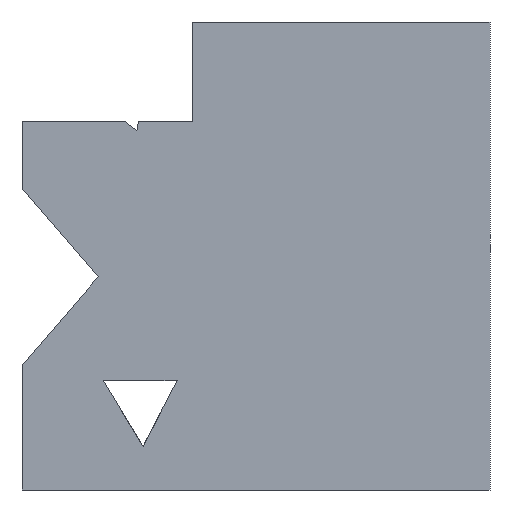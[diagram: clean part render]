
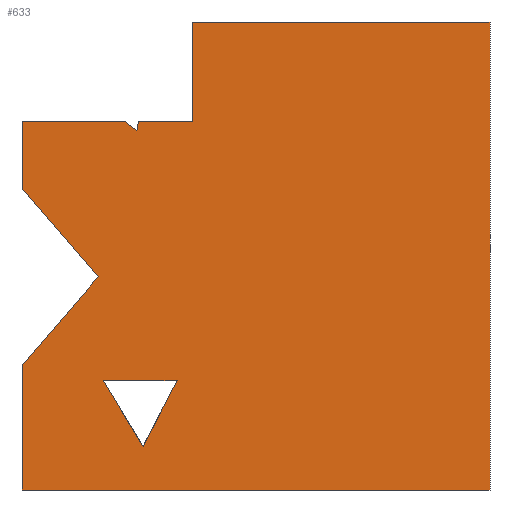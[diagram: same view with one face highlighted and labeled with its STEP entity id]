
A CAD part, front view. The second image highlights one B-rep face of the part: STEP entity #633.
In plain terms, the highlighted planar face has unit normal (0, -1, 0).
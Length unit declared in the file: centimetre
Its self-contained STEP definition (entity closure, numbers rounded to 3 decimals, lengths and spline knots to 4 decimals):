
#1 = DIRECTION ( 'NONE',  ( 0., 1., 0. ) ) ;
#2 = EDGE_CURVE ( 'NONE', #272, #228, #312, .T. ) ;
#3 = CARTESIAN_POINT ( 'NONE',  ( 0., 0., 265.6039 ) ) ;
#7 = DIRECTION ( 'NONE',  ( 0., 0., 1. ) ) ;
#17 = CARTESIAN_POINT ( 'NONE',  ( 162.7425, 0., 455.3137 ) ) ;
#32 = CARTESIAN_POINT ( 'NONE',  ( 365.2625, 0., 788.43 ) ) ;
#34 = VECTOR ( 'NONE', #336, 100. ) ;
#36 = ORIENTED_EDGE ( 'NONE', *, *, #166, .F. ) ;
#51 = LINE ( 'NONE', #369, #489 ) ;
#52 = EDGE_CURVE ( 'NONE', #630, #149, #573, .T. ) ;
#53 = CARTESIAN_POINT ( 'NONE',  ( 365.2625, 0., 788.43 ) ) ;
#56 = LINE ( 'NONE', #61, #620 ) ;
#61 = CARTESIAN_POINT ( 'NONE',  ( 245.505, 0., 767.9714 ) ) ;
#77 = LINE ( 'NONE', #491, #185 ) ;
#82 = DIRECTION ( 'NONE',  ( 0., 0., -1. ) ) ;
#83 = VERTEX_POINT ( 'NONE', #342 ) ;
#116 = DIRECTION ( 'NONE',  ( 0.148, 0., 0.989 ) ) ;
#119 = VECTOR ( 'NONE', #505, 100. ) ;
#122 = CARTESIAN_POINT ( 'NONE',  ( 0., 0., 265.6039 ) ) ;
#125 = AXIS2_PLACEMENT_3D ( 'NONE', #216, #1, #425 ) ;
#130 = CARTESIAN_POINT ( 'NONE',  ( 0., 0., 1000. ) ) ;
#141 = ORIENTED_EDGE ( 'NONE', *, *, #322, .T. ) ;
#149 = VERTEX_POINT ( 'NONE', #17 ) ;
#152 = FACE_OUTER_BOUND ( 'NONE', #397, .T. ) ;
#155 = CARTESIAN_POINT ( 'NONE',  ( 365.2625, 0., 788.43 ) ) ;
#166 = EDGE_CURVE ( 'NONE', #474, #360, #172, .T. ) ;
#171 = CARTESIAN_POINT ( 'NONE',  ( 365.2625, 0., 788.43 ) ) ;
#172 = LINE ( 'NONE', #393, #611 ) ;
#173 = LINE ( 'NONE', #122, #34 ) ;
#175 = EDGE_CURVE ( 'NONE', #431, #180, #559, .T. ) ;
#180 = VERTEX_POINT ( 'NONE', #197 ) ;
#185 = VECTOR ( 'NONE', #567, 100. ) ;
#197 = CARTESIAN_POINT ( 'NONE',  ( 173.5571, 0., 233.5737 ) ) ;
#214 = ORIENTED_EDGE ( 'NONE', *, *, #2, .F. ) ;
#216 = CARTESIAN_POINT ( 'NONE',  ( 0., 0., 1000. ) ) ;
#219 = CARTESIAN_POINT ( 'NONE',  ( 248.5589, 0., 788.43 ) ) ;
#220 = LINE ( 'NONE', #648, #565 ) ;
#221 = VECTOR ( 'NONE', #305, 100. ) ;
#228 = VERTEX_POINT ( 'NONE', #501 ) ;
#231 = CARTESIAN_POINT ( 'NONE',  ( 258.6713, 0., 93.214 ) ) ;
#234 = DIRECTION ( 'NONE',  ( -0.461, 0., -0.887 ) ) ;
#240 = DIRECTION ( 'NONE',  ( 1., 0., 0. ) ) ;
#249 = CARTESIAN_POINT ( 'NONE',  ( 173.5571, 0., 233.5737 ) ) ;
#251 = ORIENTED_EDGE ( 'NONE', *, *, #260, .T. ) ;
#260 = EDGE_CURVE ( 'NONE', #474, #324, #509, .T. ) ;
#271 = LINE ( 'NONE', #155, #306 ) ;
#272 = VERTEX_POINT ( 'NONE', #682 ) ;
#278 = CARTESIAN_POINT ( 'NONE',  ( 219.7758, 0., 788.43 ) ) ;
#279 = VECTOR ( 'NONE', #453, 100. ) ;
#280 = FACE_BOUND ( 'NONE', #347, .T. ) ;
#281 = ORIENTED_EDGE ( 'NONE', *, *, #52, .T. ) ;
#285 = VECTOR ( 'NONE', #7, 100. ) ;
#288 = ORIENTED_EDGE ( 'NONE', *, *, #334, .T. ) ;
#291 = LINE ( 'NONE', #231, #555 ) ;
#300 = ORIENTED_EDGE ( 'NONE', *, *, #661, .F. ) ;
#305 = DIRECTION ( 'NONE',  ( 0.651, 0., -0.759 ) ) ;
#306 = VECTOR ( 'NONE', #640, 100. ) ;
#312 = LINE ( 'NONE', #577, #581 ) ;
#318 = DIRECTION ( 'NONE',  ( 0., 0., -1. ) ) ;
#322 = EDGE_CURVE ( 'NONE', #495, #83, #77, .T. ) ;
#323 = CARTESIAN_POINT ( 'NONE',  ( 258.6713, 0., 93.214 ) ) ;
#324 = VERTEX_POINT ( 'NONE', #560 ) ;
#329 = EDGE_CURVE ( 'NONE', #406, #495, #346, .T. ) ;
#331 = DIRECTION ( 'NONE',  ( 0.783, 0., -0.622 ) ) ;
#334 = EDGE_CURVE ( 'NONE', #513, #431, #291, .T. ) ;
#336 = DIRECTION ( 'NONE',  ( -0.651, 0., -0.759 ) ) ;
#342 = CARTESIAN_POINT ( 'NONE',  ( 1000., 0., 0. ) ) ;
#346 = LINE ( 'NONE', #130, #544 ) ;
#347 = EDGE_LOOP ( 'NONE', ( #353, #288, #649 ) ) ;
#353 = ORIENTED_EDGE ( 'NONE', *, *, #527, .T. ) ;
#360 = VERTEX_POINT ( 'NONE', #395 ) ;
#362 = EDGE_CURVE ( 'NONE', #149, #406, #173, .T. ) ;
#365 = VECTOR ( 'NONE', #651, 100. ) ;
#369 = CARTESIAN_POINT ( 'NONE',  ( 0., 0., 1000. ) ) ;
#374 = LINE ( 'NONE', #171, #285 ) ;
#376 = DIRECTION ( 'NONE',  ( 1., 0., 0. ) ) ;
#392 = ORIENTED_EDGE ( 'NONE', *, *, #574, .F. ) ;
#393 = CARTESIAN_POINT ( 'NONE',  ( 140.6913, 0., 851.3141 ) ) ;
#395 = CARTESIAN_POINT ( 'NONE',  ( 245.505, 0., 767.9714 ) ) ;
#397 = EDGE_LOOP ( 'NONE', ( #281, #670, #568, #141, #300, #214, #662, #464, #392, #36, #251, #524 ) ) ;
#398 = CARTESIAN_POINT ( 'NONE',  ( 162.7425, 0., 455.3137 ) ) ;
#406 = VERTEX_POINT ( 'NONE', #3 ) ;
#412 = EDGE_CURVE ( 'NONE', #429, #599, #271, .T. ) ;
#419 = CARTESIAN_POINT ( 'NONE',  ( 331.5532, 0., 233.5737 ) ) ;
#420 = CARTESIAN_POINT ( 'NONE',  ( 0., 0., 645.0235 ) ) ;
#425 = DIRECTION ( 'NONE',  ( 0., 0., 1. ) ) ;
#429 = VERTEX_POINT ( 'NONE', #53 ) ;
#431 = VERTEX_POINT ( 'NONE', #323 ) ;
#453 = DIRECTION ( 'NONE',  ( -1., 0., 0. ) ) ;
#464 = ORIENTED_EDGE ( 'NONE', *, *, #412, .T. ) ;
#474 = VERTEX_POINT ( 'NONE', #278 ) ;
#477 = CARTESIAN_POINT ( 'NONE',  ( 1000., 0., 1000. ) ) ;
#485 = LINE ( 'NONE', #477, #365 ) ;
#489 = VECTOR ( 'NONE', #318, 100. ) ;
#491 = CARTESIAN_POINT ( 'NONE',  ( 0., 0., 0. ) ) ;
#495 = VERTEX_POINT ( 'NONE', #598 ) ;
#501 = CARTESIAN_POINT ( 'NONE',  ( 1000., 0., 1000. ) ) ;
#505 = DIRECTION ( 'NONE',  ( -0.519, 0., 0.855 ) ) ;
#509 = LINE ( 'NONE', #32, #279 ) ;
#513 = VERTEX_POINT ( 'NONE', #419 ) ;
#524 = ORIENTED_EDGE ( 'NONE', *, *, #615, .T. ) ;
#527 = EDGE_CURVE ( 'NONE', #180, #513, #220, .T. ) ;
#533 = PLANE ( 'NONE',  #125 ) ;
#544 = VECTOR ( 'NONE', #82, 100. ) ;
#555 = VECTOR ( 'NONE', #234, 100. ) ;
#559 = LINE ( 'NONE', #249, #119 ) ;
#560 = CARTESIAN_POINT ( 'NONE',  ( 0., 0., 788.43 ) ) ;
#565 = VECTOR ( 'NONE', #376, 100. ) ;
#567 = DIRECTION ( 'NONE',  ( 1., 0., 0. ) ) ;
#568 = ORIENTED_EDGE ( 'NONE', *, *, #329, .T. ) ;
#573 = LINE ( 'NONE', #398, #221 ) ;
#574 = EDGE_CURVE ( 'NONE', #360, #599, #56, .T. ) ;
#577 = CARTESIAN_POINT ( 'NONE',  ( 0., 0., 1000. ) ) ;
#581 = VECTOR ( 'NONE', #240, 100. ) ;
#598 = CARTESIAN_POINT ( 'NONE',  ( 0., 0., 0. ) ) ;
#599 = VERTEX_POINT ( 'NONE', #219 ) ;
#611 = VECTOR ( 'NONE', #331, 100. ) ;
#615 = EDGE_CURVE ( 'NONE', #324, #630, #51, .T. ) ;
#620 = VECTOR ( 'NONE', #116, 100. ) ;
#630 = VERTEX_POINT ( 'NONE', #420 ) ;
#633 = ADVANCED_FACE ( 'NONE', ( #280, #152 ), #533, .F. ) ;
#640 = DIRECTION ( 'NONE',  ( -1., 0., 0. ) ) ;
#648 = CARTESIAN_POINT ( 'NONE',  ( 331.5532, 0., 233.5737 ) ) ;
#649 = ORIENTED_EDGE ( 'NONE', *, *, #175, .T. ) ;
#651 = DIRECTION ( 'NONE',  ( 0., 0., -1. ) ) ;
#661 = EDGE_CURVE ( 'NONE', #228, #83, #485, .T. ) ;
#662 = ORIENTED_EDGE ( 'NONE', *, *, #666, .F. ) ;
#666 = EDGE_CURVE ( 'NONE', #429, #272, #374, .T. ) ;
#670 = ORIENTED_EDGE ( 'NONE', *, *, #362, .T. ) ;
#682 = CARTESIAN_POINT ( 'NONE',  ( 365.2625, 0., 1000. ) ) ;

──────

> **YOUR ASSIGNMENT**:
Your answer should be the lines of the listing above between the line holding "#221 = VECTOR ( 'NONE', #305, 100. ) ;" and the line holding "#300 = ORIENTED_EDGE", inclusive, restated word for word and alone.

> **SOLUTION FOR THIS EXERCISE**:
#221 = VECTOR ( 'NONE', #305, 100. ) ;
#228 = VERTEX_POINT ( 'NONE', #501 ) ;
#231 = CARTESIAN_POINT ( 'NONE',  ( 258.6713, 0., 93.214 ) ) ;
#234 = DIRECTION ( 'NONE',  ( -0.461, 0., -0.887 ) ) ;
#240 = DIRECTION ( 'NONE',  ( 1., 0., 0. ) ) ;
#249 = CARTESIAN_POINT ( 'NONE',  ( 173.5571, 0., 233.5737 ) ) ;
#251 = ORIENTED_EDGE ( 'NONE', *, *, #260, .T. ) ;
#260 = EDGE_CURVE ( 'NONE', #474, #324, #509, .T. ) ;
#271 = LINE ( 'NONE', #155, #306 ) ;
#272 = VERTEX_POINT ( 'NONE', #682 ) ;
#278 = CARTESIAN_POINT ( 'NONE',  ( 219.7758, 0., 788.43 ) ) ;
#279 = VECTOR ( 'NONE', #453, 100. ) ;
#280 = FACE_BOUND ( 'NONE', #347, .T. ) ;
#281 = ORIENTED_EDGE ( 'NONE', *, *, #52, .T. ) ;
#285 = VECTOR ( 'NONE', #7, 100. ) ;
#288 = ORIENTED_EDGE ( 'NONE', *, *, #334, .T. ) ;
#291 = LINE ( 'NONE', #231, #555 ) ;
#300 = ORIENTED_EDGE ( 'NONE', *, *, #661, .F. ) ;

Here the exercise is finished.